Adjacent data sources in the social/dev/content suite:

ScraperPurpose
devto-articles-scraperYou are here. Dev.to articles by tag/author/feed via the public API.
hacker-news-search-scraperHN stories/comments/Show HN/Ask HN/front page by keyword.
hacker-news-who-is-hiring-scraperMonthly HN "Who is hiring?" thread parsed by company/role/stack.
reddit-subreddit-scraperPosts from any subreddit by sort and time window.
reddit-historical-archive-scraperYears of subreddit history at scale.
stack-exchange-questions-scraperQ&A across 170+ Stack Exchange sites by tag/site/sort.
github-repository-scraperPublic GitHub repo metadata by search query.
product-hunt-daily-launches-scraperToday's Product Hunt launches with votes and makers.
linkedin-top-content-scraperTop-performing LinkedIn posts by keyword/author.
linkedin-ad-library-scraperLinkedIn Ad Library — competitor ad creative & spend signals.
letterboxd-film-review-scraperFilm reviews from Letterboxd for culture/sentiment work.
instagram-media-downloaderReels/Posts/Stories HD download URLs in bulk.

🔑 Keyword cloud

Core: devto scraper, dev.to scraper, devto api scraper, dev.to articles scraper, devto blog scraper, devto tag scraper, devto author scraper, devto json export, devto csv export, forem scraper, forem api scraper, tech blog scraper, developer articles scraper, developer blog dataset.

Niche: devto javascript scraper, devto python scraper, devto ai scraper, devto webdev scraper, devto rust scraper, devto react scraper, devto devops scraper, devto career scraper, devto beginners scraper, devto tutorial scraper, devto reactions scraper, devto comments count scraper, devto reading time scraper, devto cover image scraper.

Use case: tech content discovery, developer content aggregator, tech newsletter automation, author network analysis, tag trend tracking, devrel monitoring, devtool marketing intelligence, technical writing benchmarking, content audit dataset, content curation pipeline, competitive content tracking, influencer monitoring, podcast guest research, technical recruiting research, llm training data for developer writing, nlp corpus building, sentiment analysis on tech content.
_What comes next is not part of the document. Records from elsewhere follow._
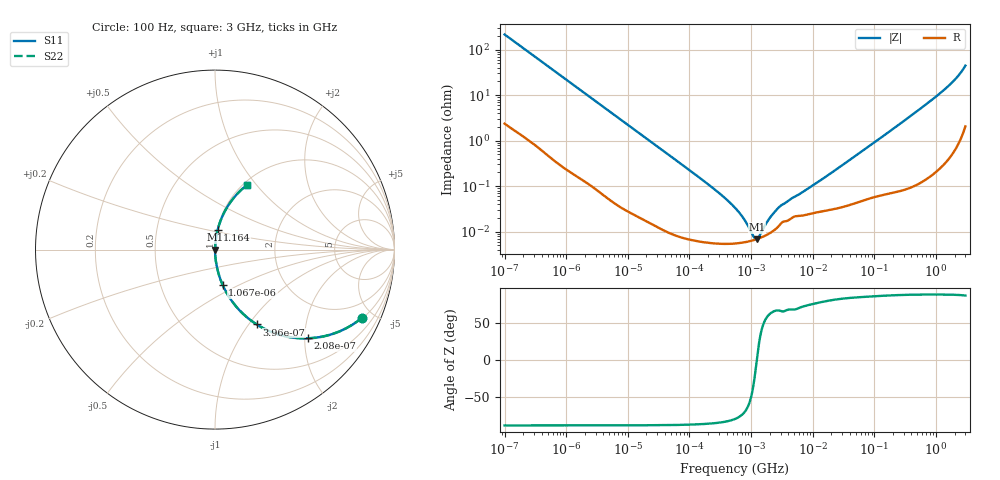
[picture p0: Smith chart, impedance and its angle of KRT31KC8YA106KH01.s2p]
!Murata Part Number: KRT31KC8YA106KH01
!These Parameters are Measured in Series Mode Connection
!Data Generated on Jan 08, 2026
!  o--ll--o
!Port1  Port2
!  o------o
!Operation Temp=25[degC], DC Bias Voltage=0[V]
!Freq. Start=100[Hz] Stop=3[GHz] 401[Steps]
# Hz S RI R 50
!Freq.(Hz) S11(Real) S11(Imag) S21(Real) S21(Imag) S12(Real) S12(Imag) S22(Real) S22(Imag)
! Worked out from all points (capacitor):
!   401 points, 100 Hz to 3 GHz, reference 50 ohm
!   read as one part in series: C = 7.4 uF near 109 Hz
!   lowest |Z| = 6.84 mohm at 1.241 MHz (marker M1)
!   series resonance near 1.236 MHz, so ESL is about 2.2 nH
!   S11 on the Smith chart (normalised r, x): 100 Hz: 1.05, -4.30; 208 Hz: 1.02, -2.08; 396 Hz: 1.01, -1.10; 1.067 kHz: 1.00, -0.41; 1.164 GHz: 1.00, +0.22; 3 GHz: 1.04, +0.89
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100  0.8192 -0.3794  0.1808 0.3794  0.1808 0.3794  0.8192 -0.3794
208  0.5188 -0.494  0.4812 0.494  0.4812 0.494  0.5188 -0.494
396  0.2332 -0.4173  0.7668 0.4173  0.7668 0.4173  0.2332 -0.4173
636  0.1073 -0.3043  0.8927 0.3043  0.8927 0.3043  0.1073 -0.3043
1067  0.0421 -0.1956  0.9579 0.1956  0.9579 0.1956  0.0421 -0.1956
1788  0.0161 -0.1204  0.9839 0.1204  0.9839 0.1204  0.0161 -0.1204
5476  0.00208 -0.0402  0.9979 0.0402  0.9979 0.0402  0.00208 -0.0402
31977  0.000169 -0.00699  0.9998 0.00699  0.9998 0.00699  0.000169 -0.00699
231582  5.64e-05 -0.000941  0.9999 0.000941  0.9999 0.000941  5.64e-05 -0.000941
547723  5.48e-05 -0.00033  0.9999 0.00033  0.9999 0.00033  5.48e-05 -0.00033
709116  5.7e-05 -0.000212  0.9999 0.000212  0.9999 0.000212  5.7e-05 -0.000212
1000599  6.27e-05 -7.67e-05  0.9999 7.67e-05  0.9999 7.67e-05  6.27e-05 -7.67e-05
1240863  6.84e-05 1.3e-06  0.9999 -1.3e-06  0.9999 -1.3e-06  6.84e-05 1.3e-06
1411895  7.31e-05 4.74e-05  0.9999 -4.74e-05  0.9999 -4.74e-05  7.31e-05 4.74e-05
1538820  7.67e-05 7.82e-05  0.9999 -7.82e-05  0.9999 -7.82e-05  7.67e-05 7.82e-05
2079876  9.51e-05 0.00019  0.9999 -0.00019  0.9999 -0.00019  9.51e-05 0.00019
2934810  0.000142 0.00033  0.9999 -0.00033  0.9999 -0.00033  0.000142 0.00033
9794414  0.000252 0.000983  0.9997 -0.000983  0.9997 -0.000983  0.000252 0.000983
1.751444e8  0.000932 0.0157  0.9991 -0.0157  0.9991 -0.0157  0.000932 0.0157
1.163803e9  0.0142 0.1078  0.9858 -0.1078  0.9858 -0.1078  0.0142 0.1078
2.126076e9  0.0582 0.22  0.9418 -0.22  0.9418 -0.22  0.0582 0.22
3e9  0.1758 0.3582  0.8242 -0.3582  0.8242 -0.3582  0.1758 0.3582
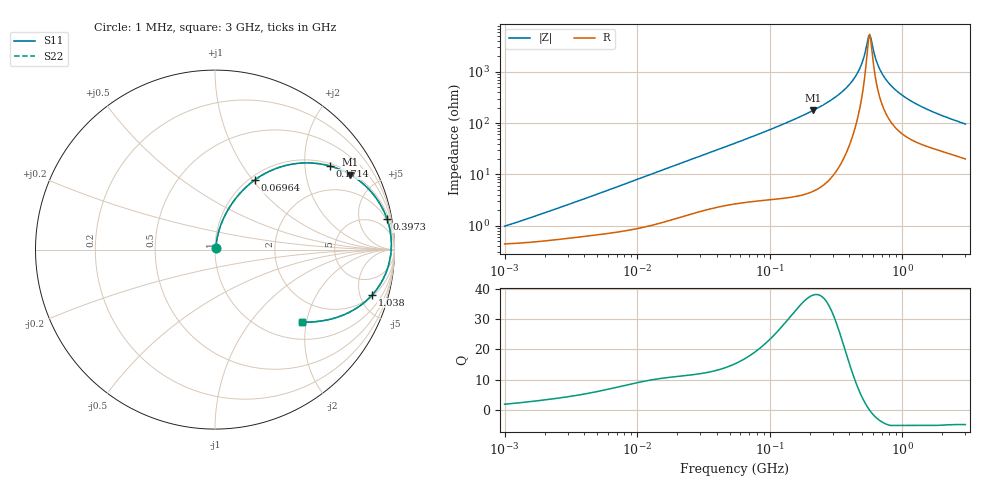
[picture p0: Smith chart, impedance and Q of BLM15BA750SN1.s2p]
! BLM15BA750SN1
# Hz S RI R 50
!Freq.(Hz) S11(Real) S11(Imag) S21(Real) S21(Imag) S12(Real) S12(Imag) S22(Real) S22(Imag)
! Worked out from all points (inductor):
!   401 points, 1 MHz to 3 GHz, reference 50 ohm
!   read as one part in series: L = 135 nH near 1.717 MHz
!   highest Q = 37.9 at 213.6 MHz (marker M1), where L = 132 nH
!   self-resonance near 558.4 MHz
!   S11 on the Smith chart (normalised r, x): 1 MHz: 1.01, +0.02; 69.64 MHz: 1.06, +1.03; 171.4 MHz: 1.08, +2.69; 397.3 MHz: 2, +11; 1.038 GHz: 2.15, -6.43; 3 GHz: 1.40, -1.88
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1000000  0.00445 0.00863  0.9955 -0.00863  0.9955 -0.00863  0.00445 0.00863
3823119  0.00701 0.0311  0.993 -0.0311  0.993 -0.0311  0.00701 0.0311
1.461624e7  0.0234 0.1105  0.9766 -0.1105  0.9766 -0.1105  0.0234 0.1105
5.477226e7  0.1569 0.3324  0.8431 -0.3324  0.8431 -0.3324  0.1569 0.3324
6.964249e7  0.2216 0.3881  0.7784 -0.3881  0.7784 -0.3881  0.2216 0.3881
1.148668e8  0.4276 0.4758  0.5724 -0.4758  0.5724 -0.4758  0.4276 0.4758
1.714156e8  0.6411 0.4655  0.3589 -0.4655  0.3589 -0.4655  0.6411 0.4655
2.094008e8  0.7441 0.4233  0.2559 -0.4233  0.2559 -0.4233  0.7441 0.4233
2.136344e8  0.7538 0.4178  0.2462 -0.4178  0.2462 -0.4178  0.7538 0.4178
3.062963e8  0.8974 0.2876  0.1026 -0.2876  0.1026 -0.2876  0.8974 0.2876
3.973271e8  0.9585 0.1701  0.0415 -0.1701  0.0415 -0.1701  0.9585 0.1701
4.75755e8  0.9788 0.0845  0.0212 -0.0845  0.0212 -0.0845  0.9788 0.0845
5.051982e8  0.9817 0.0558  0.0183 -0.0558  0.0183 -0.0558  0.9817 0.0558
5.473095e8  0.9825 0.0178  0.0175 -0.0178  0.0175 -0.0178  0.9825 0.0178
5.696638e8  0.9817 -0.000997  0.0183 0.000997  0.0183 0.000997  0.9817 -0.000997
5.81181e8  0.981 -0.0104  0.019 0.0104  0.019 0.0104  0.981 -0.0104
6.296259e8  0.9761 -0.0474  0.0239 0.0474  0.0239 0.0474  0.9761 -0.0474
6.685918e8  0.9703 -0.0747  0.0297 0.0747  0.0297 0.0747  0.9703 -0.0747
8.005644e8  0.9424 -0.1527  0.0576 0.1527  0.0576 0.1527  0.9424 -0.1527
1.038491e9  0.8773 -0.2508  0.1227 0.2508  0.1227 0.2508  0.8773 -0.2508
1.613037e9  0.7212 -0.3619  0.2788 0.3619  0.2788 0.3619  0.7212 -0.3619
3e9  0.4829 -0.4046  0.5171 0.4046  0.5171 0.4046  0.4829 -0.4046
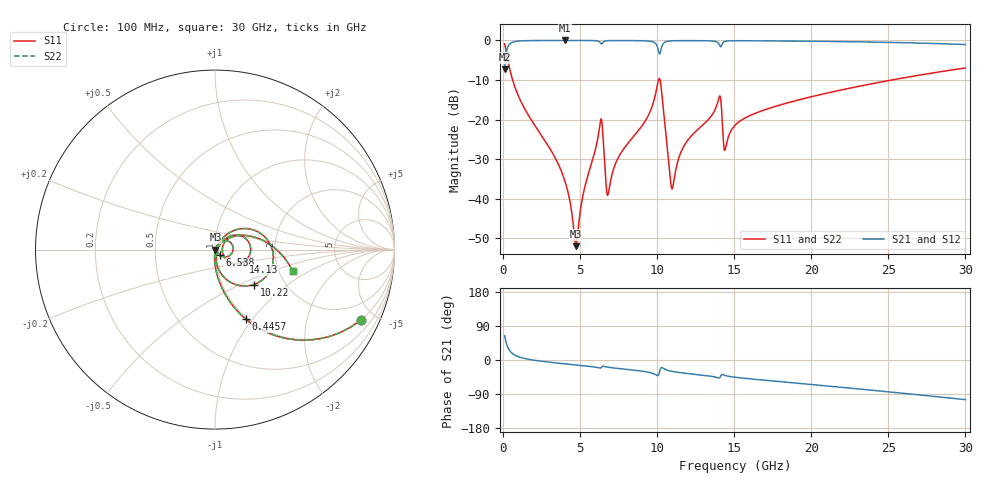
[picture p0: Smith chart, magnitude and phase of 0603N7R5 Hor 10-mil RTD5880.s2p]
# GHz S MA R 50
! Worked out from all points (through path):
!   3201 points, 100 MHz to 30 GHz, reference 50 ohm
!   highest |S21| = -0.02 dB at 3.996 GHz (marker M1); lowest = -7.3 dB at 100 MHz (marker M2)
!   group delay of S21, straight-line fit = 10.3 ps
!   lowest |S11| = -51.9 dB at 4.734 GHz (marker M3), VSWR 1.01, Z = 50.2 - j0.0563 ohm
!   |S11| at or under -10 dB: 621 MHz to 10.08 GHz (9.464 GHz wide, 177 % of centre); 10.19 GHz to 25.22 GHz (15.04 GHz wide, 84.9 % of centre)
!   |S22| runs from -51.9 to -0.9 dB; largest |S21 - S12| = 0
!   S11 on the Smith chart (normalised r, x): 100 MHz: 0.98, -4.16; 445.7 MHz: 0.98, -0.93; 6.538 GHz: 1.06, -0.07; 10.22 GHz: 1.40, -0.60; 14.13 GHz: 1.37, -0.19; 30 GHz: 2.37, -0.71
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0.1  0.903 -25.7  0.4295 64.3  0.4295 64.3  0.903 -25.7
0.4457187  0.4238 -66.1  0.9051 23.8  0.9051 23.8  0.4238 -66.1
1.454844  0.1313 -85.9  0.9901 3.5  0.9901 3.5  0.1313 -85.9
3.996344  0.01714 -92.8  0.9976 -10.0  0.9976 -10.0  0.01714 -92.8
4.7345  0.002527 -12.8  0.9974 -13.0  0.9974 -13.0  0.002527 -12.8
5.089563  0.008782 56.8  0.9971 -14.5  0.9971 -14.5  0.008782 56.8
6.294906  0.08964 30.7  0.9423 -21.3  0.9423 -21.3  0.08964 30.7
6.537844  0.04226 -47.7  0.9635 -16.7  0.9635 -16.7  0.04226 -47.7
6.706031  0.01359 -26.5  0.9865 -18.3  0.9865 -18.3  0.01359 -26.5
6.846188  0.01212 25.9  0.9913 -19.3  0.9913 -19.3  0.01212 25.9
7.509594  0.03406 59.9  0.9948 -22.5  0.9948 -22.5  0.03406 59.9
9.369  0.1074 52.2  0.9827 -31.7  0.9827 -31.7  0.1074 52.2
10.06978  0.3084 5.9  0.7616 -40.4  0.7616 -40.4  0.3084 5.9
10.21928  0.2915 -42.0  0.7206 -22.2  0.7206 -22.2  0.2915 -42.0
10.97612  0.0134 -11.8  0.9871 -30.1  0.9871 -30.1  0.0134 -11.8
11.84509  0.05025 47.6  0.9922 -35.1  0.9922 -35.1  0.05025 47.6
14.13431  0.1741 -22.9  0.8332 -41.5  0.8332 -41.5  0.1741 -22.9
14.42397  0.04273 13.3  0.9743 -41.0  0.9743 -41.0  0.04273 13.3
15.05  0.08479 39.7  0.9892 -45.5  0.9892 -45.5  0.08479 39.7
20.03956  0.1951 23.7  0.9752 -64.8  0.9752 -64.8  0.1951 23.7
25.01978  0.311 4.8  0.9438 -84.0  0.9438 -84.0  0.311 4.8
30  0.4492 -15.5  0.8858 -104.6  0.8858 -104.6  0.4492 -15.5
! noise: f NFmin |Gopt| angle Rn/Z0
0.1  0.0003394  0.9298  0.5968  0.001074
3.417  0.003821  0.8003  9.447  0.003939
6.743  0.01307  0.8802  18.49  0.02302
10.06  0.07426  0.9673  27.45  0.4855
13.39  0.01561  0.8111  36.18  0.01558
16.7  0.01355  0.7416  44.64  0.009032
20.03  0.01524  0.7298  52.92  0.009057
23.35  0.01742  0.7281  60.98  0.009547
26.67  0.01982  0.7303  68.85  0.01008
30  0.02246  0.7352  76.5  0.0106

Audience: technical content marketers, devrel teams, newsletter writers, dev tool product managers, founders of dev-tool startups, technical journalists, content aggregator owners, ml/llm engineers, ai researchers, technical recruiters, dev community managers, growth marketers targeting developers, podcast hosts in tech, developer educators, technical writers and authors.


Changelog

  • 2026-06-01 — Maintenance & reliability pass: pulled the latest source and rebuilt the Actor on the current base image; build verified.
  • 2026-05-25 — Maintenance & reliability pass: pulled the latest source and rebuilt the Actor on the current base image; build verified.

  • 2026-05-20 — Maintenance pass: reviewed the input schema and default values for a smooth one-click start, and rebuilt the Actor on the latest base image.

Last reviewed: 2026-06-01.

📝 Changelog

2026-06-04

  • Verified live & refreshed build — reliability/maintenance pass.